(JM from Yamagata Prefecture/60s/Female/Employee)
We’ve been married for about 40 years. Our relationship was not to a point where we don’t care about each other, but at the same time, we weren’t understanding each other as well. I’ve always wondered why.
Change in the Dissatisfaction that had been Building Up Inside.
We both have been working full time for a long time, and I’ve always been the one to make meals. Ever since my husband turned 65, he comes home early, and as soon as I get home, I rush to get ready for dinner. That’s when I hear my husband opening a can of beer. And it would make me feel annoyed because dinner is not even ready!!
In the morning, I am busy making breakfast and bento boxes. Amid the morning chaos, my husband brings vegetables that he had harvested from the home garden and just leaves it there in the kitchen. Hearing the sound of him putting the veggies and the sound of him opening a can of beer makes me feel irritated. But I didn’t like that about myself, and want to change. So I spend my days studying Kami’s teachings and reading Voices (real life story from fellow shinja). Then one day, I noticed a change in my kokoro.
My Kokoro of Expectation Made Me Feel Less Grateful
My husband makes a louder noise putting the vegetables when there are more harvests. And it felt like I was at a loss, wondering what to do with all the vegetables he brought, and thinking about how to dispose or get rid of it. These are the vegetables that he worked hard to grow for the family. But this time, I was thinking how should I cook these vegetables to make it delicious. This way of thinking emerged inside me for the first time… When I made side dishes and juice from them, he was so happy, and I was surprised that something like this could make me feel so warm.
Looking back, my husband does a lot of things for me at work and at home. But before I knew it, it became such a normal thing. This was the answer to my kokoro asking why. I had lost sight of gratitude.
I was able to Feel his Feeling and Rely on Him with Honesty
The other day, when I had to undergo a test that used a contrast agent, my husband decided to take time off from work to take me to give me a ride. This happened just when I was remembering the time when I was hospitalized for a kidney stone, and I had to endure the pain and do everything all by myself. It made me wonder why I couldn’t rely on my husband at the time.

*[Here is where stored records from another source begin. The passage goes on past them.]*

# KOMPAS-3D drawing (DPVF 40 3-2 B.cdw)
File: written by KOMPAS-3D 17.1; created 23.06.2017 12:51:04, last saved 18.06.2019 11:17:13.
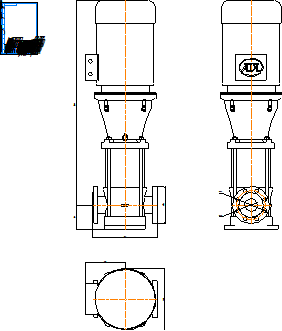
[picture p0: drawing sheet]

Sheet 1: A4, portrait

Title block, sheet 1: name: DPVF 40 3-2 B; material: Внимание! Данный продукт является объектом авторского права ООО «Торговый Дом АДЛ». / Запрещается изменение, копирование, распространение / (в том числе путем копирования на другие сайты и ресурсы в Интернете) / или любое иное использование информации и объектов без предварительного / согласия правообладателя (ООО «Торговый Дом АДЛ»).; scale: 1:1; sheets: 1; organisation: ООО "Торговый дом АДЛ"; sheet format: A4; stored path: C:\Клочков АВ\Насосы\DP PAMS\DPVF 40\Компас 2d\DPVF 40 3-2 B.cdw

Views: Спереди 1
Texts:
  Клочков АВ
  ООО АДЛ ГРУПП
Dimensions and other numbers on the sheet: 365; 223; 350; 209,6; 1156,5; 140; 168,1; 76,2; 1:1; 1

This time, I felt bad for worrying him, but I was able to honestly say, “Thank you. Please help me.” I was able to rely on my husband with an honest feeling. I felt that my kokoro was moving forward. The test was completed successfully. Above all, I have become more grateful to my husband for being there for me and felt so reassuring to be able to rely on him.
To Become a Couple who Respects Each Other’s Thoughts
There was a time when I thought, “We’re learning the same teachings, but why can’t we come to the same thoughts?” However, I realized that it’s natural for husbands and wives to have different ways of thinking, and I started to respect my husband’s ideas and opinions.
When it comes to eating out, my husband always opts for ramen. In response to that, I used to think, “Not again?” But there’s been some changes in my kokoro… I realized something. On the way home, my husband decided to take me to a place where seasonal flowers were blooming. “What a kind person,” I thought. Where are they blooming today? I’ve started to look forward to my husband taking me to places. This is probably because we are coming together more than before. When I invite my son to eat out, he says, “Yeah, sure.” At our 60-year-old Shinkon no Gi (longevity celebration), our son said, “I was happy that I was able to give you my gratitude.” He has already agreed to go to Shinsō Honbu with us, and I’m really looking forward to it.
I can care about my husband more, wondering if he is tired, and also talk to him about my worries. I live each day with my husband feeling a peace of mind. This is what a “harmonious family” must look like! I was finally able to realize it. Together, we aim to become a loving couple so that our children can see the joy of having a warm family environment.
Finding the Principles Behind the Story from Shinji
The source of happiness is a harmonious family.
Be grateful for the encounters and the more you deepen your thoughts (love) for them (the encounters), the joy of living will grow.
You must not forget the feeling to support and to complement.
The more the kokoro of family members come together, true happiness will root in your family.
Shinji that Kami reveals are a teaching on how to live life in order to be happy. Because it is an unchanging principle that relates to all people, if you live according to the teachings, your life will definitely change for the better.